I'd plan to add fans, you're likely to need them especially during the summer.


----------



## [email protected] (Jul 17, 2008)

Ignore anything mentioning positive or negative when dealing with AC current. AC stands for alternating current. Only DC - direct current - is spoken of as having positive and negative wires. 

AC current in the USA uses black, white, and green wires. 
What matters is black connects to black. White connects to white. Green connects to other greens and the metal of the fixture. 

Most "shop lights" have a four to six foot cord with a plug on the end. If you want a timer, purchase an outdoor grade timer with two or three outlets. Plug the timer into the wall and both lights into the timer. That way you'll avoid having to do any wiring. 

The issue will be mounting them in your canopy. Take a tape measure with you when you shop for lights and measure them. Mine from range from 48" to 49.5". If you get wide ones, you may have to do some extra work on your canopy to accommodate them. 
Since you are looking to use T8, make sure the box says the fixture will use T8 bulbs.


----------



## FSM (Jan 13, 2009)

There is nothing to wire. Attach the fixture to the canopy and plug it in.


Mine came from Lowes, I think it cost about $20. Not in a canopy though. They also have some cheaper ones that are black, so the reflector part would need to be painted white.


----------



## S&KGray (Nov 12, 2008)

If you are going with T8 shoplights then there is no wiring to be done, they usually have a plug and some come with a switch. They are made to be used out of the box.

If you go with single or dual striplights from HD, Lowes, etc that are made to be mounted on the ceiling and wired in, then you will have to connect your own cord. This option will allow you to use T5 NO which are more efficient than T8. The T5 striplight cost a little more than the T8 striplights.

GL with whatever you choose and keep up posted!


----------



## [email protected] (Jul 17, 2008)

In my opinion the T5NO two tube lighting strips from the big box stores are a waste of money for an aquarium. There is no room for a decent reflector. The tubes are too close together for good light spread. Better to purchase T5HO from the beginning. If someone gave me some I'd use them... After replacing the ballast. ;-)

And, contrary to some peoples postings, some shop lights do require wiring the cord to the wires in the fixture. In my experience, the boxes they come in mention that they can be direct wired, on the outside so one need not be surprised.

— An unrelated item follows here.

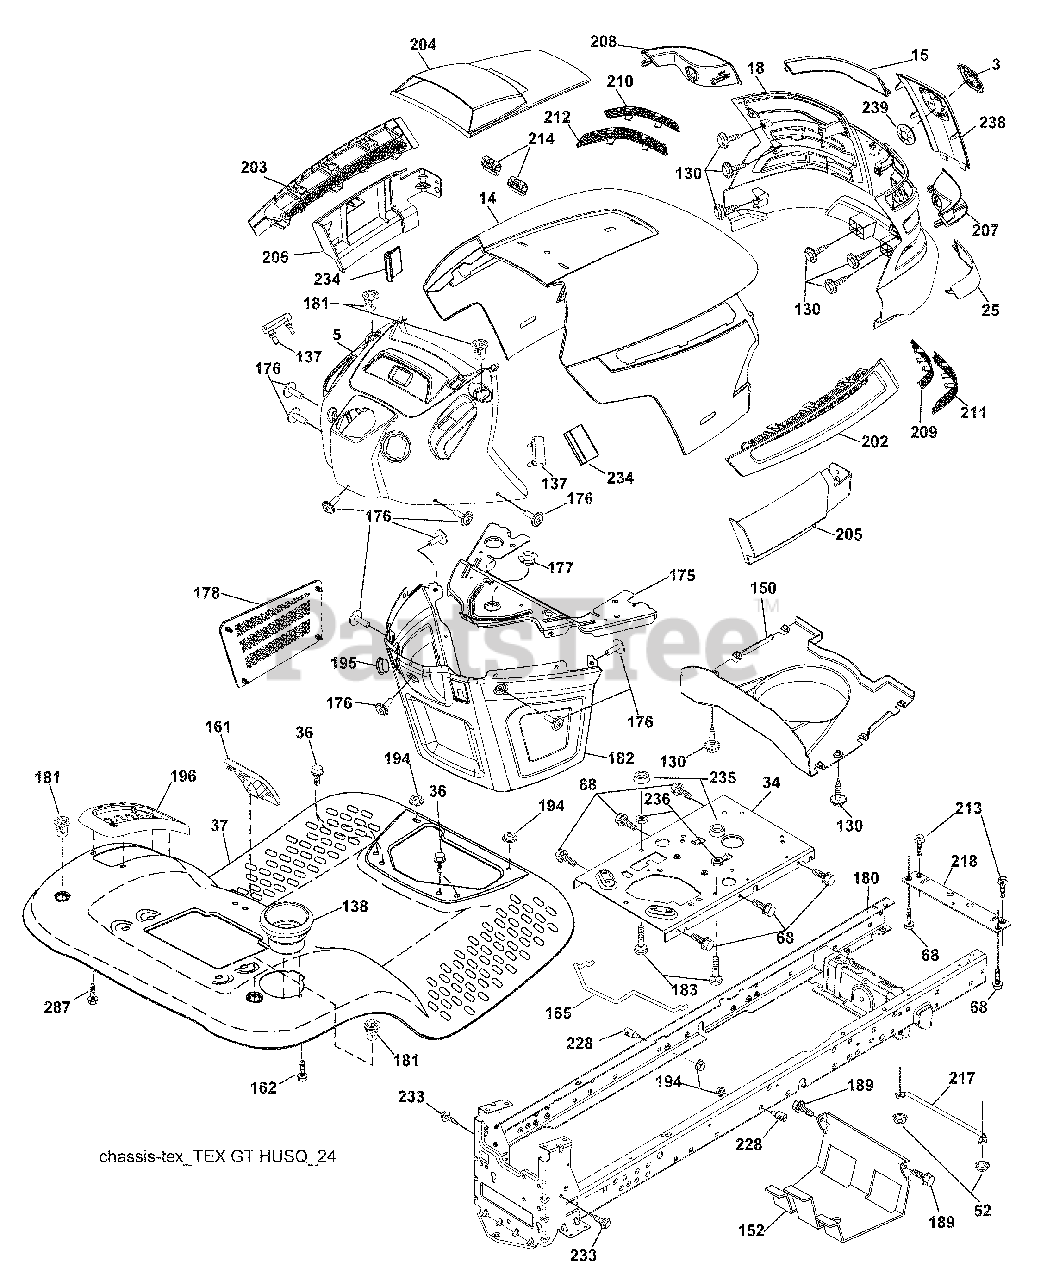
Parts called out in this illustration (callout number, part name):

It's a big country. Products selections vary.


----------



## Jenn (Oct 2, 2009)

Thanks everyone for your help. I am going to Home Depot tomorrow to do some further investigation. With any luck I won't get kicked out for loitering 

I was flipping through the Fosters and Smith catalog and they have a Nova Extreme T5 fixture that comes with 2 54w HO lamps. I might go with this as the reality of burning my house down gets nearer.


----------



## S&KGray (Nov 12, 2008)

Hehe, I always loiter at my local HD. :thumbsup:

Btw, if you look at Oldpunk's 50g low-tech journal, he modified a shoplight chassis with a T5 NO dual lighting strip and a PC reflector.

Maybe you could mount single T5NO lighting strips spaced a bit apart in your canopy to get a more even spread of lighting. You could also figure out how to mount a reflector behind the bulbs to give you more efficient use of the light.

The Nova Extreme is a decent fixture but T5HO will prolly give you high light, depending on how high off the top of the tank you position it. Coralife has some T5NO fixtures if you decide not to DIY.

Just some suggestions.


----------



## Ramirezi (Feb 13, 2006)

I am looking at the T5 HO shop light with a electronic balast at home depot it is this faux diamond plate mirrored reflector so it will have good reflective properties. I have a T12 48" shoplight in my 75gal right now but it needs to be replaced. 
I wired the balast on the out side of the tank to keep it a little cooler (but not nessarry).


----------